Identifiers
- EC no.: 2.7.3.9
- CAS no.: 37278-17-4

Databases
- BRENDA: enzyme data
- ExPASy: NiceZyme view
- KEGG: enzyme entry
- MetaCyc: metabolic pathway
- Rhea: reactions
- PDB structures: RCSB PDB PDBe PDBsum
- Gene Ontology: AmiGO / QuickGO

Search
- PMC: articles
- PubMed: articles
- NCBI: proteins

= Phosphoenolpyruvate—protein phosphotransferase =

Enzyme

In enzymology, a phosphoenolpyruvate-protein phosphotransferase is an enzyme that catalyzes the chemical reaction

phosphoenolpyruvate + protein histidine $\rightleftharpoons$ pyruvate + protein Npi-phospho-L-histidine

Thus, the two substrates of this enzyme are phosphoenolpyruvate and protein histidine, whereas its two products are pyruvate and protein Npi-phospho-L-histidine.

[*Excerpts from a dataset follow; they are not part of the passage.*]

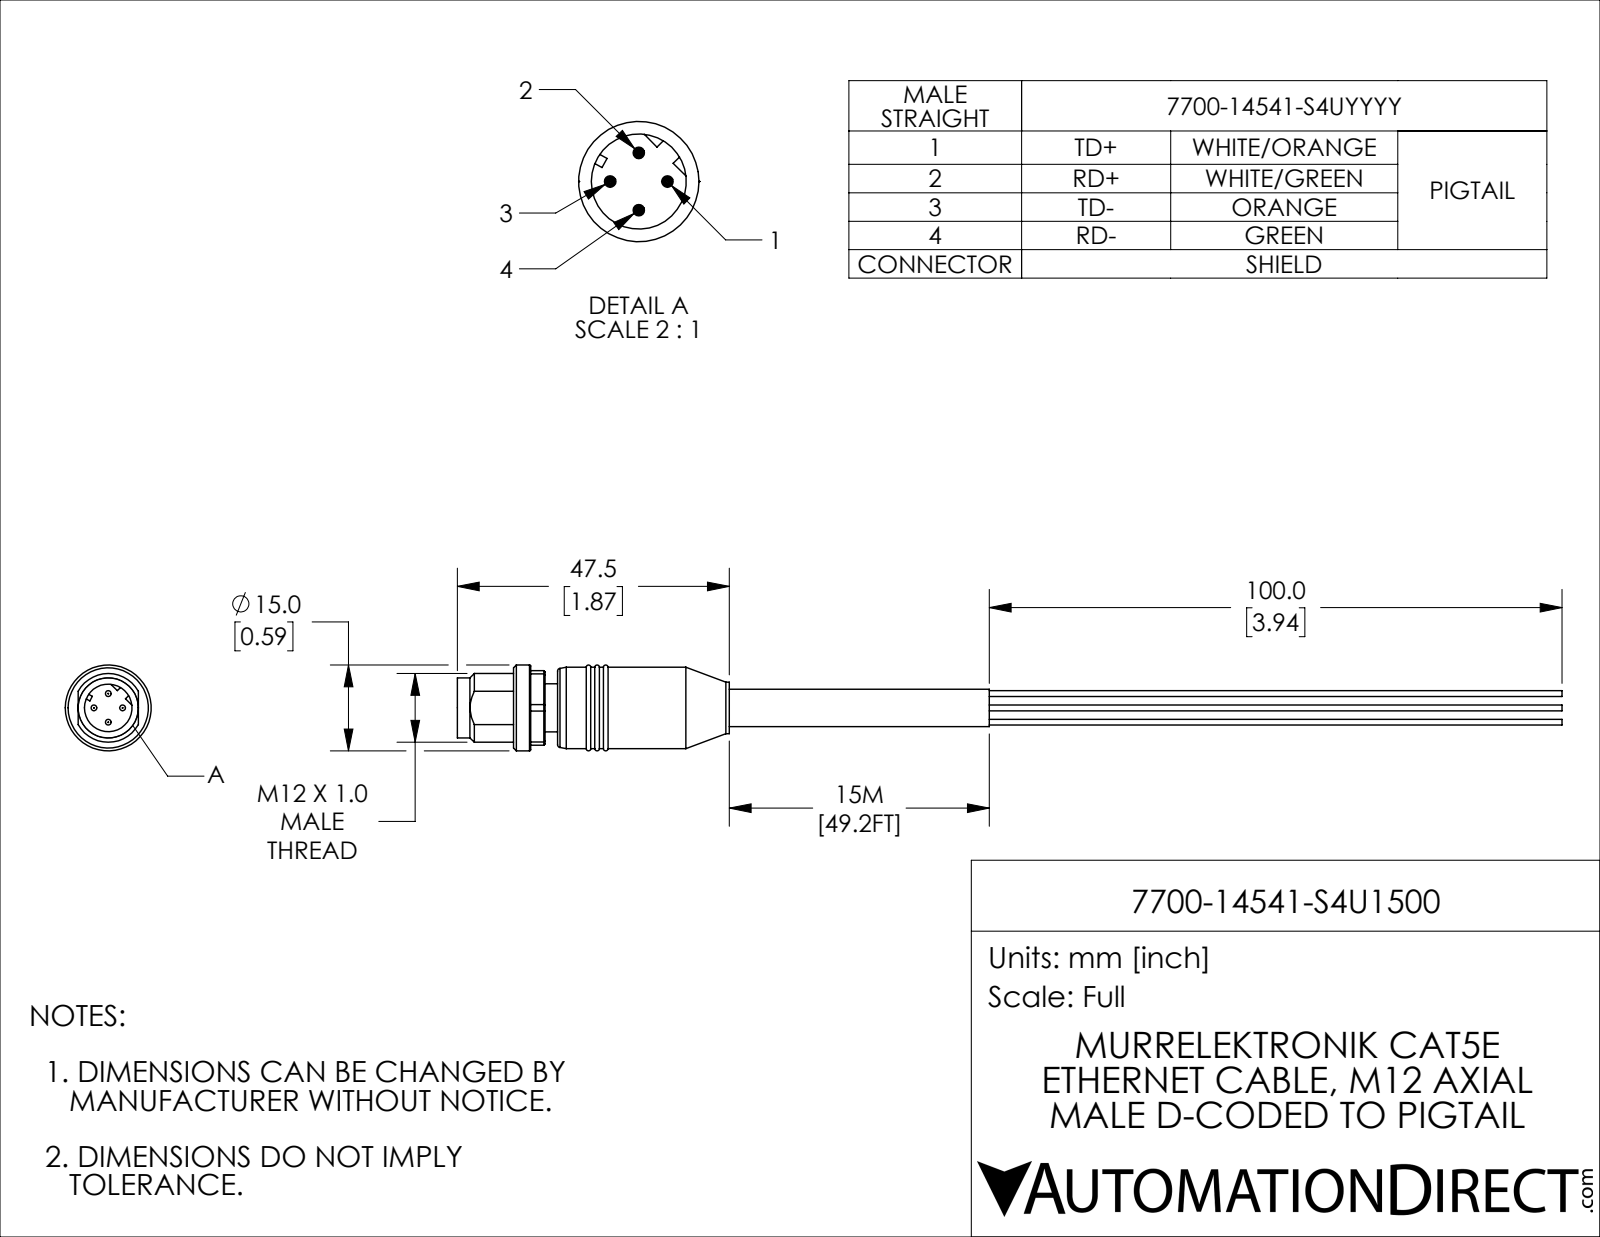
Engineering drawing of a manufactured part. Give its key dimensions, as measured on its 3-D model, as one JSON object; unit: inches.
{"part_name": "7700-14541-S4U1500", "step_written_by": "SolidWorks 2021 (CONFIG_CONTROL_DESIGN)", "units": "inches", "bodies": {"solids": 1, "faces": 125, "planar": 40, "cylindrical": 45, "other": 40}, "overall_size": [7.594, 0.591, 0.591], "volume_in3": 0.473, "surface_area_in2": 7.675, "round_holes": [[0.327, 1]], "round_bosses_or_shafts": [[0.039, 4], [0.591, 1], [0.559, 1], [0.413, 1], [0.354, 1], [0.331, 1], [0.256, 1]], "partial_cylinders_radius": [[0.236, 1], [0.283, 1]], "face_to_face_distances": [0.087, 0.035, 0.252, 0.339, 0.217, 0.303, 0.512, 0.413, 0.35, 0.386]}
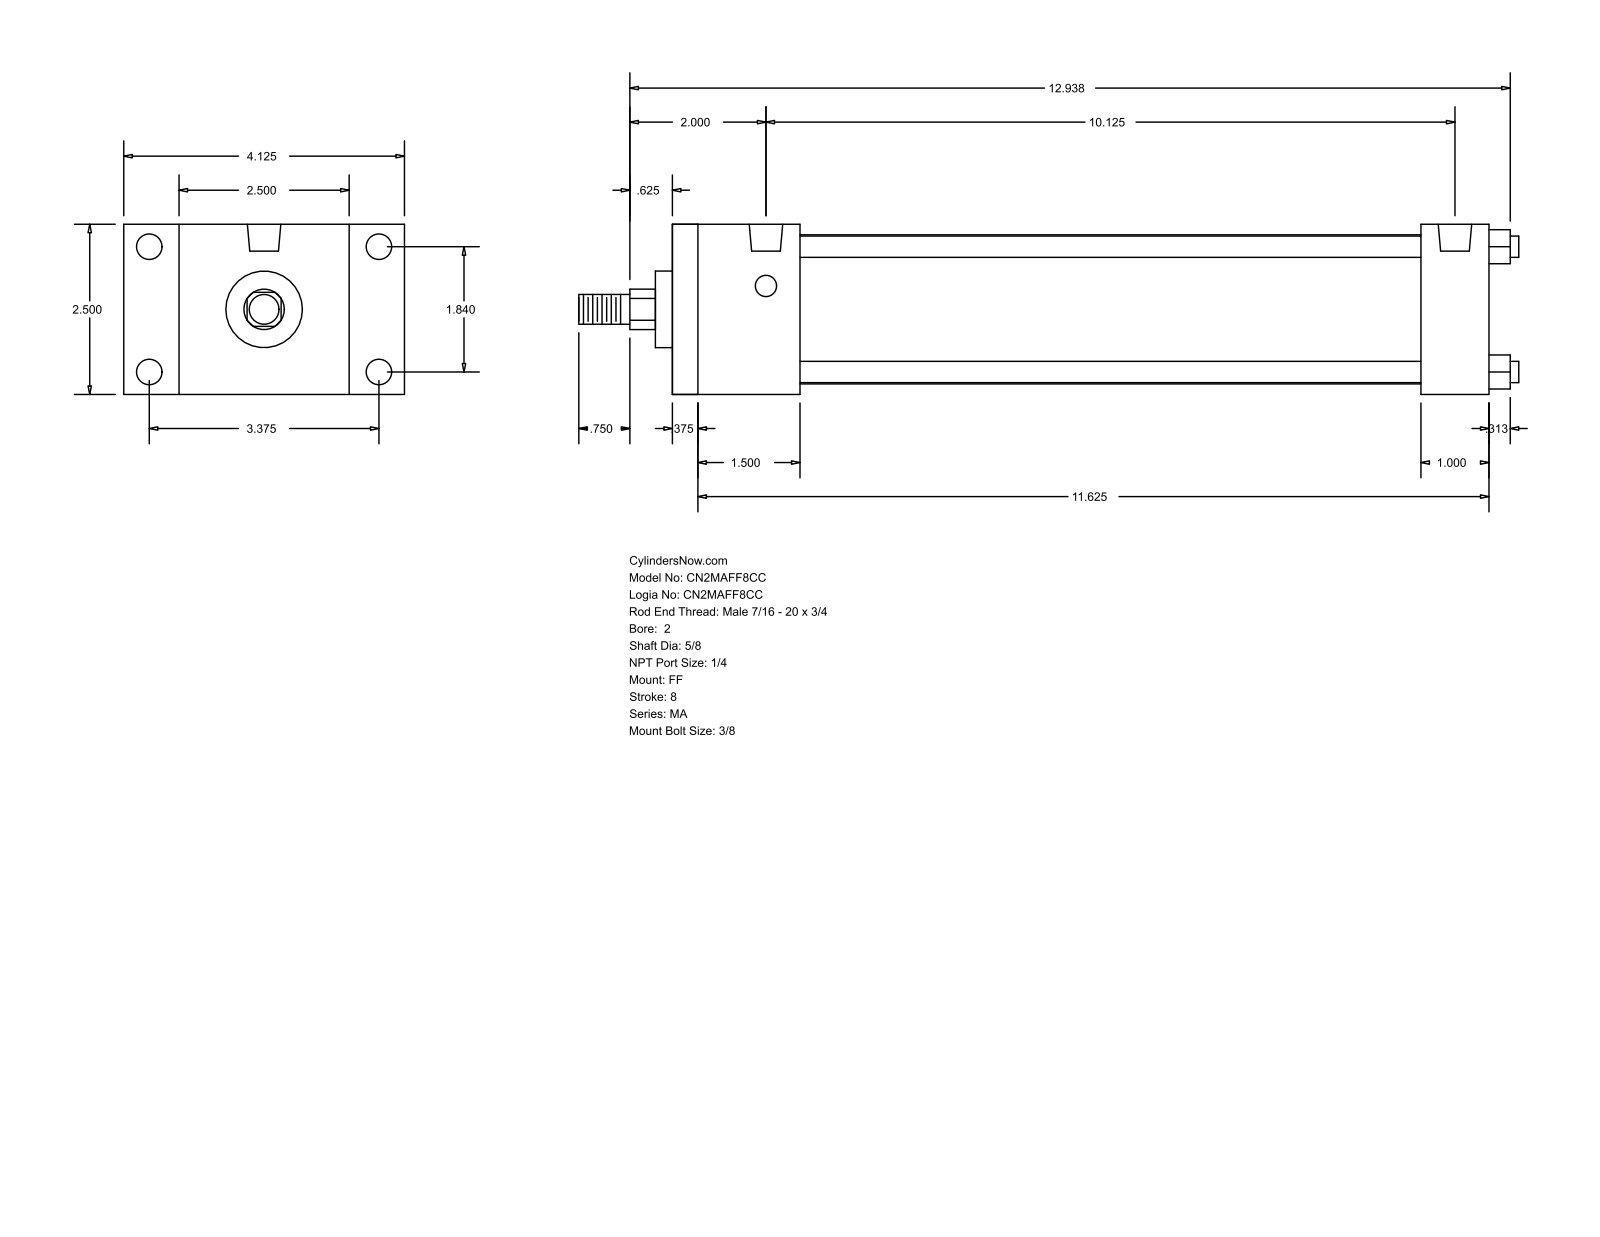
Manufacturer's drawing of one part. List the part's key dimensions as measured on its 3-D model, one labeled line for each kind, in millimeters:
Part name (STEP PRODUCT): MA_FF__0200_0.625
STEP written by: GSSL Pune (CONFIG_CONTROL_DESIGN)
Units: millimetres
Bodies: 0 solids, 92 faces (64 planar, 28 cylindrical, 0 other)
Overall size (bounding box): 350.84 × 104.78 × 63.5
Round holes (diameter × count): ⌀7.94 ×4, ⌀9.53 ×4, ⌀12.49 ×2
Round bosses / shafts (diameter × count): ⌀7.94 ×4, ⌀55.63 ×1, ⌀28.57 ×1, ⌀15.88 ×1, ⌀11.11 ×1
Partial cylindrical surfaces — rounded edges, fillets, slot ends (radius × count): R7.54 ×1
Main face-to-face distances: 63.5, 304.8, 9.52, 295.28, 38.1, 47.62, 279.39, 269.87, 231.77, 257.18
Hole centre spacings: 46.74, 85.72, 97.63, 257.18

This enzyme belongs to the family of transferases, specifically those transferring phosphorus-containing groups (phosphotransferases) with a nitrogenous group as acceptor. This enzyme participates in phosphotransferase system (pts).

== Nomenclature ==

The systematic name of this enzyme class is phosphoenolpyruvate:protein-L-histidine Npi-phosphotransferase. Other names in common use include phosphoenolpyruvate sugar phosphotransferase enzyme I, phosphopyruvate-protein factor phosphotransferase, phosphopyruvate-protein phosphotransferase, sugar-PEP phosphotransferase enzyme I, and phosphoenolpyruvate:protein-L-histidine N-pros-phosphotransferase.